Excerpts from a dataset:
'''

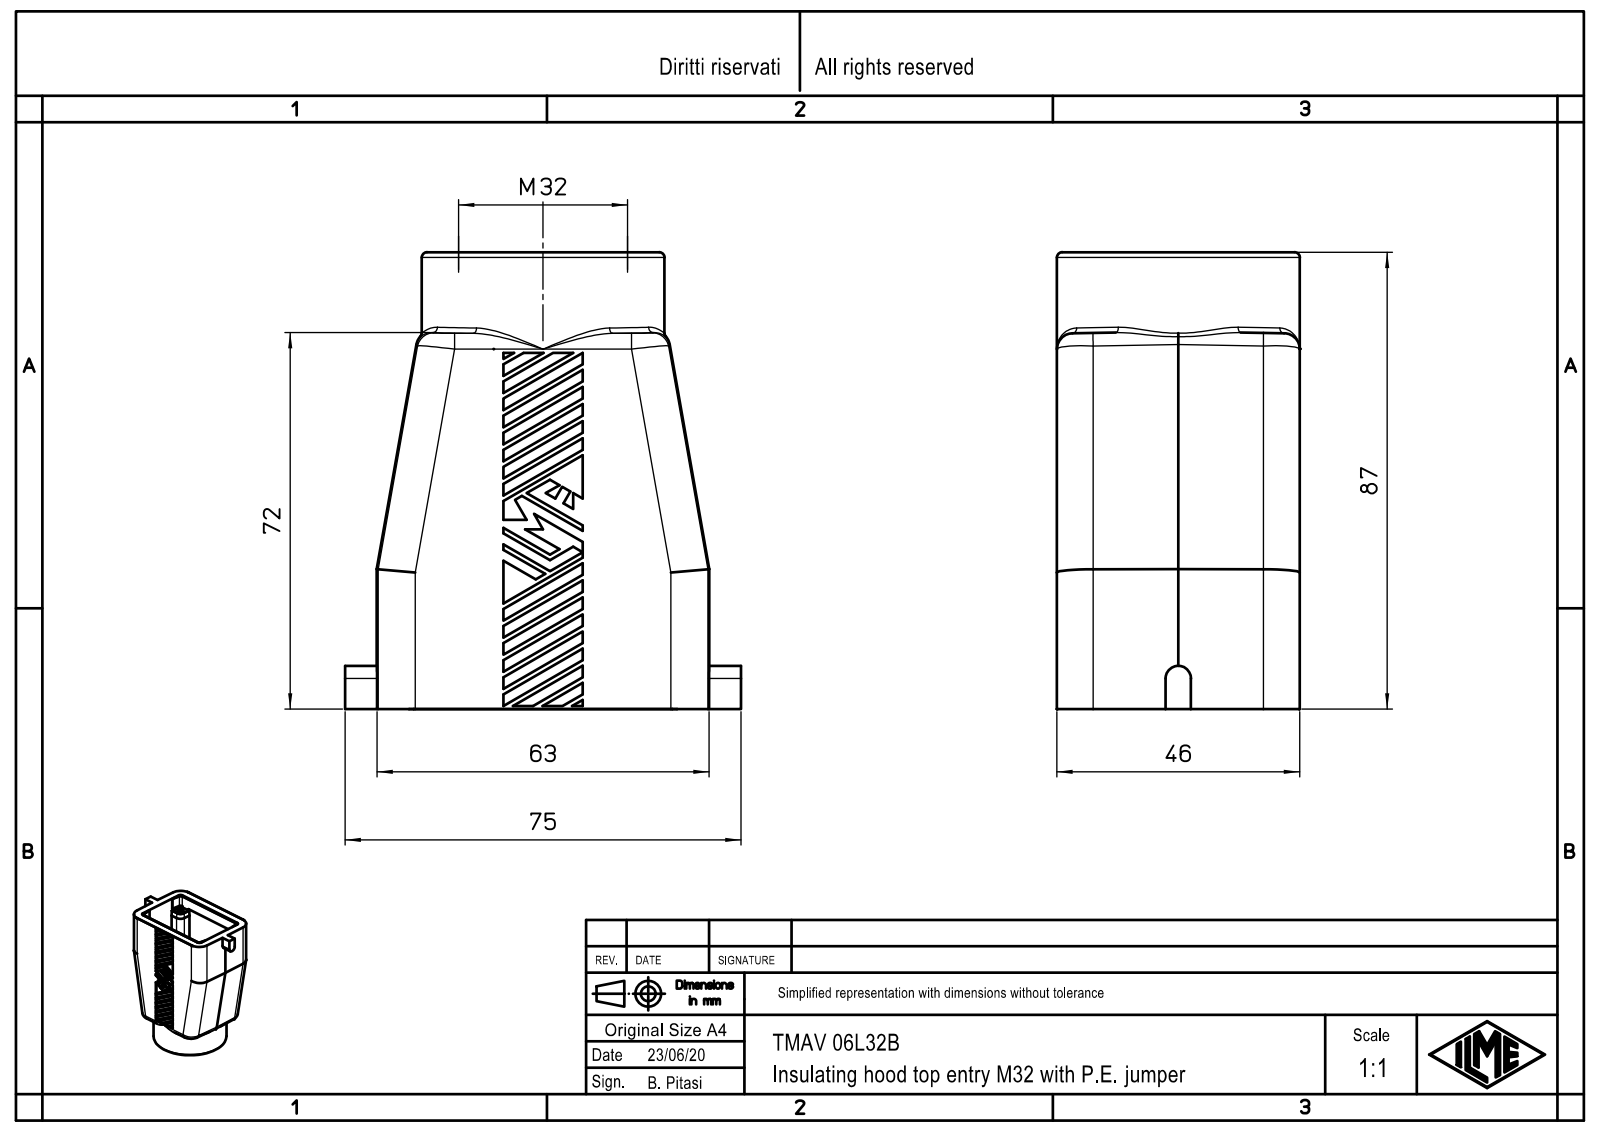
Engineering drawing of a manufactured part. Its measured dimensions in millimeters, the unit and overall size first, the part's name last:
Units: millimetres
Overall size (bounding box): 86.5 × 75 × 46
Round holes (diameter × count): ⌀3 ×4, ⌀3.5 ×4, ⌀28 ×1, ⌀32 ×1
Round bosses / shafts (diameter × count): ⌀4.8 ×4, ⌀46 ×1
Partial cylindrical surfaces — rounded edges, fillets, slot ends (radius × count): R1.5 ×12, R7 ×8, R3 ×6, R1.3 ×4, R1.6 ×4, R2 ×4, R3.5 ×4, R2.4 ×1
Main face-to-face distances: 46, 45.5, 0.5, 63, 5.6, 86.5, 45, 5.3, 5.8, 40.2
Hole centre spacings: 25.81, 27, 44, 51.62
Volume: 96 369 mm³ · Surface area: 35 883 mm²
Bodies: 1 solid, 570 faces (400 planar, 80 cylindrical, 90 other)
Part name (STEP PRODUCT): TMAV_06L32B
STEP written by: Creo Elements/Direct Modeling 20.1B 02-Apr-2019 (C) Parametric Technology GmbH (AUTOMOTIVE_DESIGN)

'''

Assignment = Please copy out each line above exactly as written, but not the pictures.

Solution to this problem =
Engineering drawing of a manufactured part. Its measured dimensions in millimeters, the unit and overall size first, the part's name last:
Units: millimetres
Overall size (bounding box): 86.5 × 75 × 46
Round holes (diameter × count): ⌀3 ×4, ⌀3.5 ×4, ⌀28 ×1, ⌀32 ×1
Round bosses / shafts (diameter × count): ⌀4.8 ×4, ⌀46 ×1
Partial cylindrical surfaces — rounded edges, fillets, slot ends (radius × count): R1.5 ×12, R7 ×8, R3 ×6, R1.3 ×4, R1.6 ×4, R2 ×4, R3.5 ×4, R2.4 ×1
Main face-to-face distances: 46, 45.5, 0.5, 63, 5.6, 86.5, 45, 5.3, 5.8, 40.2
Hole centre spacings: 25.81, 27, 44, 51.62
Volume: 96 369 mm³ · Surface area: 35 883 mm²
Bodies: 1 solid, 570 faces (400 planar, 80 cylindrical, 90 other)
Part name (STEP PRODUCT): TMAV_06L32B
STEP written by: Creo Elements/Direct Modeling 20.1B 02-Apr-2019 (C) Parametric Technology GmbH (AUTOMOTIVE_DESIGN)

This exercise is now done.